2. How is automatic summarization of text helpful?

ANS: – Automatic textbook summarization is an instigative exploration area with several operations on the assiduity. By condensing large amounts of information into short, summarization can prop numerous downstream operations, like creating news abridgments, report generation, news summarization, and caption generation. Summarization is the task of compressing text into a shorter version, reducing the size of the source text while preserving important elements of the information and the meaning of the content. Since manual text summarization is time-consuming and often tedious, automated tasks are gaining popularity, thus providing a strong impetus for academic research. Text summarization has important uses in various NLP-related tasks, such as B, text classification, question answering, legal text summarization, news summarization, and headline news production. Furthermore, these systems can be integrated with creating summaries as an intermediate step, which helps reduce document length. In the era of big data, the amount of text data from various sources is exploding. This text is an invaluable source of information that must be effectively summarized to be useful. The increase in document availability calls for extensive research in the field of NLP for automatic text summarization. Automatic text summarization is creating concise and fluent summaries without human intervention while preserving the meaning of the original text document. This is very challenging because, as humans, when we summarize a text, we usually read it in its entirety to deepen our understanding and then write a key-point summary. Since computers lack human knowledge and language skills, automatic text summarization becomes difficult and non-trivial.

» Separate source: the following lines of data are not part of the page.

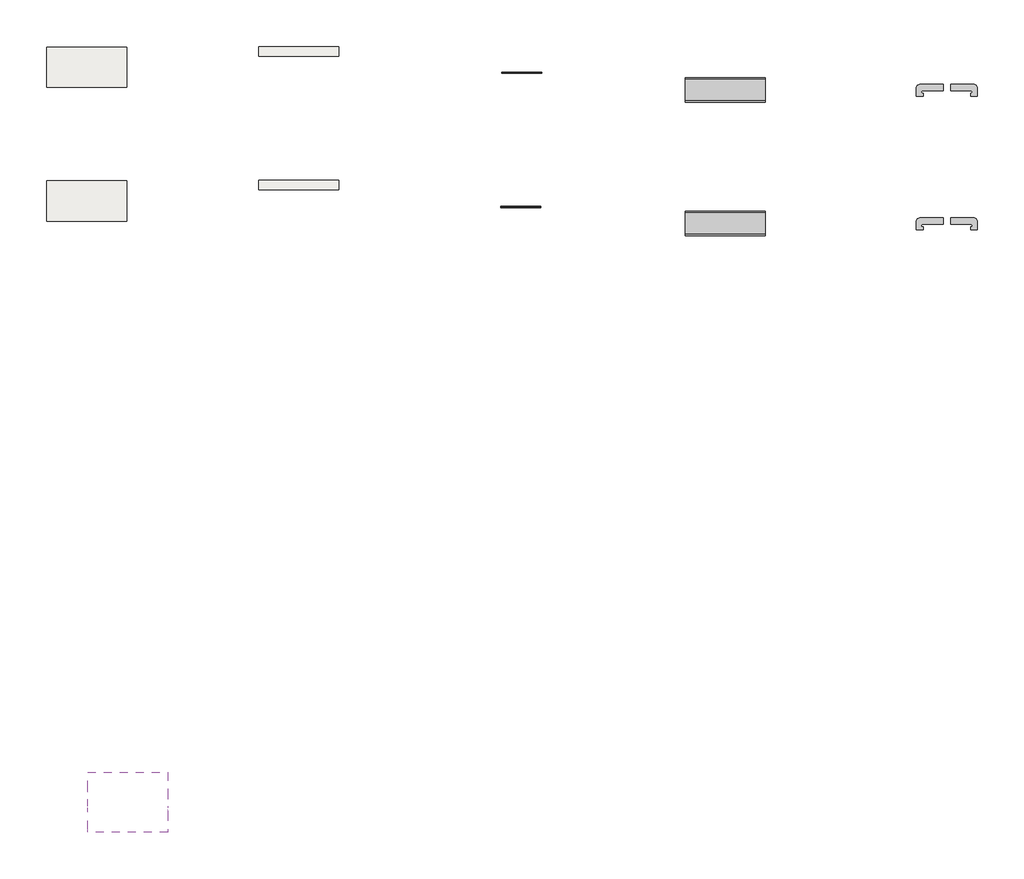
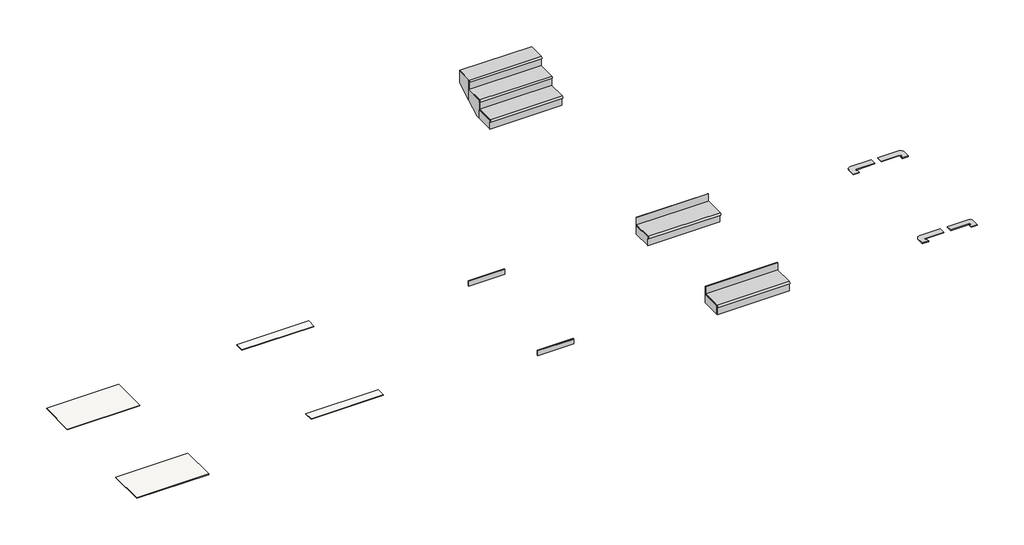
# One storey: 6 proxies, 4 slabs, 3 stair flights, 2 walls.
"""IFC4 building model written with IfcOpenShell, lengths in millimetres."""

from ifc_helpers import new_model, si_unit, point, frame, frame_2d, origin, place, context, project, spatial, polyline, circle_curve, trimmed, segment, composite_curve, outline, extrude, faceted_brep, transform, mapped, element, save
from components import generic_models_c79c0e69, generic_models_9a913470

model = new_model("IFC4")

# Units and contexts
model_context = context("Model", 3, world=origin())
ifc_project = project(units=[si_unit("LENGTHUNIT", "METRE", prefix="MILLI")], contexts=[model_context])

# Site, building, storey
site = spatial("IfcSite", under=ifc_project)
building = spatial("IfcBuilding", under=site)
storey = spatial("IfcBuildingStorey", under=building, Name="EXAGRES_OROBICO Series_Catalogue", Elevation=22000.0)

# Proxies
placement = place(None, origin())
element("IfcBuildingElementProxy", 1, Name="Exagres_Orobico_Taupe_Skirting_9x60", ObjectType="Exagres_Orobico_Taupe_Skirting_9x60", at=placement, inside=storey, context=model_context, shape_type="SweptSolid", body=[
    extrude(outline(polyline([(322.5338201, 22090.0), (322.5338201, 22000.0), (307.5338201, 22000.0), (307.5338201, 22085.0), (312.5338201, 22090.0), (322.5338201, 22090.0)])), frame((5748.2634227, 0.0, 0.0), z_axis=(1.0, 0.0, 0.0), x_axis=(0.0, 1.0, 0.0)), (0.0, 0.0, 1.0), 600.0),
])
element("IfcBuildingElementProxy", 2, Name="Exagres_Orobico_Gris_Skirting_9x60", ObjectType="Exagres_Orobico_Gris_Skirting_9x60", at=placement, inside=storey, context=model_context, shape_type="SweptSolid", body=[
    extrude(outline(polyline([(-1690.278305, 22090.0), (-1690.278305, 22000.0), (-1705.278305, 22000.0), (-1705.278305, 22085.0), (-1700.278305, 22090.0), (-1690.278305, 22090.0)])), frame((5733.1339239, 0.0, 0.0), z_axis=(1.0, 0.0, 0.0), x_axis=(0.0, 1.0, 0.0)), (0.0, 0.0, 1.0), 600.0),
])
generic_models_shape = generic_models_c79c0e69(model_context)
element("IfcBuildingElementProxy", 3, Name="EXAGRES - Step Skirting ML 39.5x17.5 : Exagres_Orobico_Taupe_Left", ObjectType="EXAGRES - Step Skirting ML 39.5x17.5 : Exagres_Orobico_Taupe_Left", at=placement, inside=storey, context=model_context, shape_type="MappedRepresentation", body=[
    mapped(generic_models_shape, transform((12052.0707994, 44.4826442, 22000.0), x_axis=(1.0, 0.0, 0.0), y_axis=(0.0, 1.0, 0.0), z_axis=(0.0, 0.0, 1.0))),
])
element("IfcBuildingElementProxy", 4, Name="EXAGRES - Step Skirting ML 39.5x17.5 : Exagres_Orobico_Gris_Left", ObjectType="EXAGRES - Step Skirting ML 39.5x17.5 : Exagres_Orobico_Gris_Left", at=placement, inside=storey, context=model_context, shape_type="MappedRepresentation", body=[
    mapped(generic_models_shape, transform((12052.0707994, -1955.5173558, 22000.0), x_axis=(1.0, 0.0, 0.0), y_axis=(0.0, 1.0, 0.0), z_axis=(0.0, 0.0, 1.0))),
])
generic_models_2_shape = generic_models_9a913470(model_context)
element("IfcBuildingElementProxy", 5, Name="EXAGRES - Step Skirting ML 39.5x17.5 : Exagres_Orobico_Taupe_Right", ObjectType="EXAGRES - Step Skirting ML 39.5x17.5 : Exagres_Orobico_Taupe_Right", at=placement, inside=storey, context=model_context, shape_type="MappedRepresentation", body=[
    mapped(generic_models_2_shape, transform((12772.0707994, 44.4826442, 22000.0), x_axis=(-1.0, 0.0, 0.0), y_axis=(0.0, -1.0, 0.0), z_axis=(0.0, 0.0, 1.0))),
])
element("IfcBuildingElementProxy", 6, Name="EXAGRES - Step Skirting ML 39.5x17.5 : Exagres_Orobico_Gris_Right", ObjectType="EXAGRES - Step Skirting ML 39.5x17.5 : Exagres_Orobico_Gris_Right", at=placement, inside=storey, context=model_context, shape_type="MappedRepresentation", body=[
    mapped(generic_models_2_shape, transform((12772.0707994, -1955.5173558, 22000.0), x_axis=(-1.0, 0.0, 0.0), y_axis=(0.0, -1.0, 0.0), z_axis=(0.0, 0.0, 1.0))),
])

# Slabs
element("IfcSlab", 7, ObjectType="Exagres_Orobico_Taupe_Base_60x120_R9_Rect", at=placement, inside=storey, context=model_context, shape_type="SweptSolid", body=[
    extrude(outline(polyline([(133.202085, 695.0536056), (133.202085, 93.0536056), (-1068.797915, 93.0536056), (-1068.797915, 695.0536056), (133.202085, 695.0536056)])), frame((0.0, 0.0, 21990.0), z_axis=(0.0, 0.0, 1.0), x_axis=(1.0, 0.0, 0.0)), (0.0, 0.0, 1.0), 10.0),
])
element("IfcSlab", 8, ObjectType="Exagres_Orobico_Taupe_Base_14,5x120_R9_Rect", at=placement, inside=storey, context=model_context, shape_type="SweptSolid", body=[
    extrude(outline(polyline([(3308.439511, 705.6668743), (3308.439511, 558.6668743), (2106.439511, 558.6668743), (2106.439511, 705.6668743), (3308.439511, 705.6668743)])), frame((0.0, 0.0, 21990.0), z_axis=(0.0, 0.0, 1.0), x_axis=(1.0, 0.0, 0.0)), (0.0, 0.0, 1.0), 10.0),
])
element("IfcSlab", 9, ObjectType="Exagres_Orobico_Gris_Base_60x120_R9_Rect", at=placement, inside=storey, context=model_context, shape_type="SweptSolid", body=[
    extrude(outline(polyline([(133.202085, -1304.9463944), (133.202085, -1906.9463944), (-1068.797915, -1906.9463944), (-1068.797915, -1304.9463944), (133.202085, -1304.9463944)])), frame((0.0, 0.0, 21990.0), z_axis=(0.0, 0.0, 1.0), x_axis=(1.0, 0.0, 0.0)), (0.0, 0.0, 1.0), 10.0),
])
element("IfcSlab", 10, ObjectType="Exagres_Orobico_Gris_Base_14,5x120_R9_Rect", at=placement, inside=storey, context=model_context, shape_type="SweptSolid", body=[
    extrude(outline(polyline([(3308.439511, -1294.3331257), (3308.439511, -1441.3331257), (2106.439511, -1441.3331257), (2106.439511, -1294.3331257), (3308.439511, -1294.3331257)])), frame((0.0, 0.0, 21990.0), z_axis=(0.0, 0.0, 1.0), x_axis=(1.0, 0.0, 0.0)), (0.0, 0.0, 1.0), 10.0),
])

# Stair flights
element("IfcStairFlight", 11, ObjectType="EXAGRES_ML - Orobico Taupe R9", at=placement, inside=storey, context=model_context, shape_type="SweptSolid", body=[
    extrude(outline(polyline([(8493.0707994, -93.5173558), (8493.0707994, 236.4826442), (9693.0707994, 236.4826442), (9693.0707994, -93.5173558), (8493.0707994, -93.5173558)])), frame((0.0, 0.0, 22000.0), z_axis=(0.0, 0.0, 1.0), x_axis=(1.0, 0.0, 0.0)), (0.0, 0.0, 1.0), 151.6666667),
    extrude(outline(composite_curve([segment(polyline([(-107.5173558, 22166.6666667), (236.4826442, 22166.6666667), (236.4826442, 22151.6666667), (-79.6078069, 22151.6666667), (-79.6078069, 22151.1666667), (-83.5173558, 22151.1666667), (-83.5173558, 22151.6666667), (-85.1078069, 22151.6666667), (-85.1078069, 22152.1666667), (-87.5173558, 22152.1666667), (-87.5173558, 22151.1666667), (-94.5173558, 22151.1666667), (-94.5173558, 22144.1666667), (-95.5173558, 22144.1666667), (-95.5173558, 22138.1666667), (-94.5173558, 22138.1666667), (-94.5173558, 22126.6666667), (-107.5173558, 22126.6666667)]), True, "CONTINUOUS"), segment(trimmed(circle_curve(frame_2d((-107.5173558, 22146.6666667)), 20.0), [point((-107.5173558, 22126.6666667))], [point((-107.5173558, 22166.6666667))], False, "CARTESIAN"), True, "CONTINUOUS")], self_intersect=False)), frame((8493.0707994, 0.0, 0.0), z_axis=(1.0, 0.0, 0.0), x_axis=(0.0, 1.0, 0.0)), (0.0, 0.0, 1.0), 1200.0),
    extrude(outline(polyline([(9693.0707994, -93.5173558), (9693.0707994, -103.5173558), (8493.0707994, -103.5173558), (8493.0707994, -93.5173558), (9693.0707994, -93.5173558)])), frame((0.0, 0.0, 22000.0), z_axis=(0.0, 0.0, 1.0), x_axis=(1.0, 0.0, 0.0)), (0.0, 0.0, 1.0), 126.6666667),
    extrude(outline(polyline([(9693.0707994, 236.4826442), (9693.0707994, 226.4826442), (8493.0707994, 226.4826442), (8493.0707994, 236.4826442), (9693.0707994, 236.4826442)])), frame((0.0, 0.0, 22166.6666667), z_axis=(0.0, 0.0, 1.0), x_axis=(1.0, 0.0, 0.0)), (0.0, 0.0, 1.0), 126.6666667),
])
element("IfcStairFlight", 12, ObjectType="EXAGRES_ML - Orobico Gris R9", at=placement, inside=storey, context=model_context, shape_type="SolidModel", body=[
    faceted_brep([(-451.9029047, -10727.6587674, 33972.3684211), (-451.9029047, -11027.6587674, 33972.3684211), (748.0970953, -11027.6587674, 33972.3684211), (748.0970953, -10727.6587674, 33972.3684211), (-451.9029047, -10727.6587674, 33820.0), (-451.9029047, -11027.6587674, 33820.0), (748.0970953, -11027.6587674, 33820.0), (748.0970953, -10727.6587674, 33820.0), (-451.9029047, -10427.6587674, 34139.7368421), (-451.9029047, -10727.6587674, 34139.7368421), (748.0970953, -10727.6587674, 34139.7368421), (748.0970953, -10427.6587674, 34139.7368421), (-451.9029047, -10427.6587674, 33956.5213642), (-451.9029047, -10672.3668729, 33820.0), (748.0970953, -10672.3668729, 33820.0), (748.0970953, -10427.6587674, 33956.5213642), (-451.9029047, -10161.6587674, 34104.9213642), (748.0970953, -10161.6587674, 34104.9213642), (-451.9029047, -10161.6587674, 34307.1052632), (-451.9029047, -10427.6587674, 34307.1052632), (748.0970953, -10427.6587674, 34307.1052632), (748.0970953, -10161.6587674, 34307.1052632)], [[[0, 1, 2, 3]], [[1, 0, 4, 5]], [[2, 1, 5, 6]], [[3, 2, 6, 7]], [[8, 9, 10, 11]], [[4, 0, 9, 8, 12, 13]], [[0, 3, 10, 9]], [[3, 7, 14, 15, 11, 10]], [[5, 4, 13, 14, 7, 6]], [[14, 13, 12, 16, 17, 15]], [[18, 19, 20, 21]], [[19, 18, 16, 12, 8]], [[8, 11, 20, 19]], [[21, 20, 11, 15, 17]], [[18, 21, 17, 16]]]),
    extrude(outline(composite_curve([segment(polyline([(-11041.6587674, 33987.3684211), (-10727.6587674, 33987.3684211), (-10727.6587674, 33972.3684211), (-11013.7492185, 33972.3684211), (-11013.7492185, 33971.8684211), (-11017.6587674, 33971.8684211), (-11017.6587674, 33972.3684211), (-11019.2492185, 33972.3684211), (-11019.2492185, 33972.8684211), (-11021.6587674, 33972.8684211), (-11021.6587674, 33971.8684211), (-11028.6587674, 33971.8684211), (-11028.6587674, 33964.8684211), (-11029.6587674, 33964.8684211), (-11029.6587674, 33958.8684211), (-11028.6587674, 33958.8684211), (-11028.6587674, 33947.3684211), (-11041.6587674, 33947.3684211)]), True, "CONTINUOUS"), segment(trimmed(circle_curve(frame_2d((-11041.6587674, 33967.3684211)), 20.0), [point((-11041.6587674, 33947.3684211))], [point((-11041.6587674, 33987.3684211))], False, "CARTESIAN"), True, "CONTINUOUS")], self_intersect=False)), frame((-451.9029047, 0.0, 0.0), z_axis=(1.0, 0.0, 0.0), x_axis=(0.0, 1.0, 0.0)), (0.0, 0.0, 1.0), 1200.0),
    extrude(outline(polyline([(748.0970953, -11027.6587674), (748.0970953, -11037.6587674), (-451.9029047, -11037.6587674), (-451.9029047, -11027.6587674), (748.0970953, -11027.6587674)])), frame((0.0, 0.0, 33820.0), z_axis=(0.0, 0.0, 1.0), x_axis=(1.0, 0.0, 0.0)), (0.0, 0.0, 1.0), 127.3684211),
    extrude(outline(polyline([(748.0970953, -10727.6587674), (748.0970953, -10737.6587674), (-451.9029047, -10737.6587674), (-451.9029047, -10727.6587674), (748.0970953, -10727.6587674)])), frame((0.0, 0.0, 33987.3684211), z_axis=(0.0, 0.0, 1.0), x_axis=(1.0, 0.0, 0.0)), (0.0, 0.0, 1.0), 127.3684211),
    extrude(outline(composite_curve([segment(polyline([(-10741.6587674, 34154.7368421), (-10427.6587674, 34154.7368421), (-10427.6587674, 34139.7368421), (-10713.7492185, 34139.7368421), (-10713.7492185, 34139.2368421), (-10717.6587674, 34139.2368421), (-10717.6587674, 34139.7368421), (-10719.2492185, 34139.7368421), (-10719.2492185, 34140.2368421), (-10721.6587674, 34140.2368421), (-10721.6587674, 34139.2368421), (-10728.6587674, 34139.2368421), (-10728.6587674, 34132.2368421), (-10729.6587674, 34132.2368421), (-10729.6587674, 34126.2368421), (-10728.6587674, 34126.2368421), (-10728.6587674, 34114.7368421), (-10741.6587674, 34114.7368421)]), True, "CONTINUOUS"), segment(trimmed(circle_curve(frame_2d((-10741.6587674, 34134.7368421)), 20.0), [point((-10741.6587674, 34114.7368421))], [point((-10741.6587674, 34154.7368421))], False, "CARTESIAN"), True, "CONTINUOUS")], self_intersect=False)), frame((-451.9029047, 0.0, 0.0), z_axis=(1.0, 0.0, 0.0), x_axis=(0.0, 1.0, 0.0)), (0.0, 0.0, 1.0), 1200.0),
    extrude(outline(polyline([(748.0970953, -10427.6587674), (748.0970953, -10437.6587674), (-451.9029047, -10437.6587674), (-451.9029047, -10427.6587674), (748.0970953, -10427.6587674)])), frame((0.0, 0.0, 34154.7368421), z_axis=(0.0, 0.0, 1.0), x_axis=(1.0, 0.0, 0.0)), (0.0, 0.0, 1.0), 127.3684211),
    extrude(outline(composite_curve([segment(polyline([(-10441.6587674, 34322.1052632), (-10161.6587674, 34322.1052632), (-10161.6587674, 34307.1052632), (-10413.7492185, 34307.1052632), (-10413.7492185, 34306.6052632), (-10417.6587674, 34306.6052632), (-10417.6587674, 34307.1052632), (-10419.2492185, 34307.1052632), (-10419.2492185, 34307.6052632), (-10421.6587674, 34307.6052632), (-10421.6587674, 34306.6052632), (-10428.6587674, 34306.6052632), (-10428.6587674, 34299.6052632), (-10429.6587674, 34299.6052632), (-10429.6587674, 34293.6052632), (-10428.6587674, 34293.6052632), (-10428.6587674, 34282.1052632), (-10441.6587674, 34282.1052632)]), True, "CONTINUOUS"), segment(trimmed(circle_curve(frame_2d((-10441.6587674, 34302.1052632)), 20.0), [point((-10441.6587674, 34282.1052632))], [point((-10441.6587674, 34322.1052632))], False, "CARTESIAN"), True, "CONTINUOUS")], self_intersect=False)), frame((-451.9029047, 0.0, 0.0), z_axis=(1.0, 0.0, 0.0), x_axis=(0.0, 1.0, 0.0)), (0.0, 0.0, 1.0), 1200.0),
])
element("IfcStairFlight", 13, ObjectType="EXAGRES_ML - Orobico Gris R9", at=placement, inside=storey, context=model_context, shape_type="SweptSolid", body=[
    extrude(outline(polyline([(8493.0707994, -2093.5173558), (8493.0707994, -1763.5173558), (9693.0707994, -1763.5173558), (9693.0707994, -2093.5173558), (8493.0707994, -2093.5173558)])), frame((0.0, 0.0, 22000.0), z_axis=(0.0, 0.0, 1.0), x_axis=(1.0, 0.0, 0.0)), (0.0, 0.0, 1.0), 151.6666667),
    extrude(outline(composite_curve([segment(polyline([(-2107.5173558, 22166.6666667), (-1763.5173558, 22166.6666667), (-1763.5173558, 22151.6666667), (-2079.6078069, 22151.6666667), (-2079.6078069, 22151.1666667), (-2083.5173558, 22151.1666667), (-2083.5173558, 22151.6666667), (-2085.1078069, 22151.6666667), (-2085.1078069, 22152.1666667), (-2087.5173558, 22152.1666667), (-2087.5173558, 22151.1666667), (-2094.5173558, 22151.1666667), (-2094.5173558, 22144.1666667), (-2095.5173558, 22144.1666667), (-2095.5173558, 22138.1666667), (-2094.5173558, 22138.1666667), (-2094.5173558, 22126.6666667), (-2107.5173558, 22126.6666667)]), True, "CONTINUOUS"), segment(trimmed(circle_curve(frame_2d((-2107.5173558, 22146.6666667)), 20.0), [point((-2107.5173558, 22126.6666667))], [point((-2107.5173558, 22166.6666667))], False, "CARTESIAN"), True, "CONTINUOUS")], self_intersect=False)), frame((8493.0707994, 0.0, 0.0), z_axis=(1.0, 0.0, 0.0), x_axis=(0.0, 1.0, 0.0)), (0.0, 0.0, 1.0), 1200.0),
    extrude(outline(polyline([(9693.0707994, -2093.5173558), (9693.0707994, -2103.5173558), (8493.0707994, -2103.5173558), (8493.0707994, -2093.5173558), (9693.0707994, -2093.5173558)])), frame((0.0, 0.0, 22000.0), z_axis=(0.0, 0.0, 1.0), x_axis=(1.0, 0.0, 0.0)), (0.0, 0.0, 1.0), 126.6666667),
    extrude(outline(polyline([(9693.0707994, -1763.5173558), (9693.0707994, -1773.5173558), (8493.0707994, -1773.5173558), (8493.0707994, -1763.5173558), (9693.0707994, -1763.5173558)])), frame((0.0, 0.0, 22166.6666667), z_axis=(0.0, 0.0, 1.0), x_axis=(1.0, 0.0, 0.0)), (0.0, 0.0, 1.0), 126.6666667),
])

# Walls
element("IfcWall", 14, ObjectType="Muro básico:muro", at=placement, inside=storey, context=model_context, shape_type="SweptSolid", body=[
    extrude(outline(polyline([(6348.2634227, 322.5338201), (5748.2634227, 322.5338201), (5748.2634227, 323.5338201), (6348.2634227, 323.5338201), (6348.2634227, 322.5338201)])), frame((0.0, 0.0, 22000.0), z_axis=(0.0, 0.0, 1.0), x_axis=(1.0, 0.0, 0.0)), (0.0, 0.0, 1.0), 75.0),
])
element("IfcWall", 15, ObjectType="Muro básico:muro", at=placement, inside=storey, context=model_context, shape_type="SweptSolid", body=[
    extrude(outline(polyline([(6333.1339239, -1690.278305), (5733.1339239, -1690.278305), (5733.1339239, -1689.278305), (6333.1339239, -1689.278305), (6333.1339239, -1690.278305)])), frame((0.0, 0.0, 22000.0), z_axis=(0.0, 0.0, 1.0), x_axis=(1.0, 0.0, 0.0)), (0.0, 0.0, 1.0), 75.0),
])

save(model, "model.ifc")

Various machine learning-based models have been proposed for this task. Most of these methods model this problem as a classification problem, returning whether a sentence should be included in the summary. Other methods use topic information, Latent Semantic Analysis (LSA), sequence-to-sequence models, reinforcement learning, and adversarial procedures.

WRITTEN BY Neetika Gupta

Neetika Gupta works as a Senior Research Associate in CloudThat has the experience to deploy multiple Data Science Projects into multiple cloud frameworks. She has deployed end-to-end AI applications for Business Requirements on Cloud frameworks like AWS, AZURE, and GCP and Deployed Scalable applications using CI/CD Pipelines.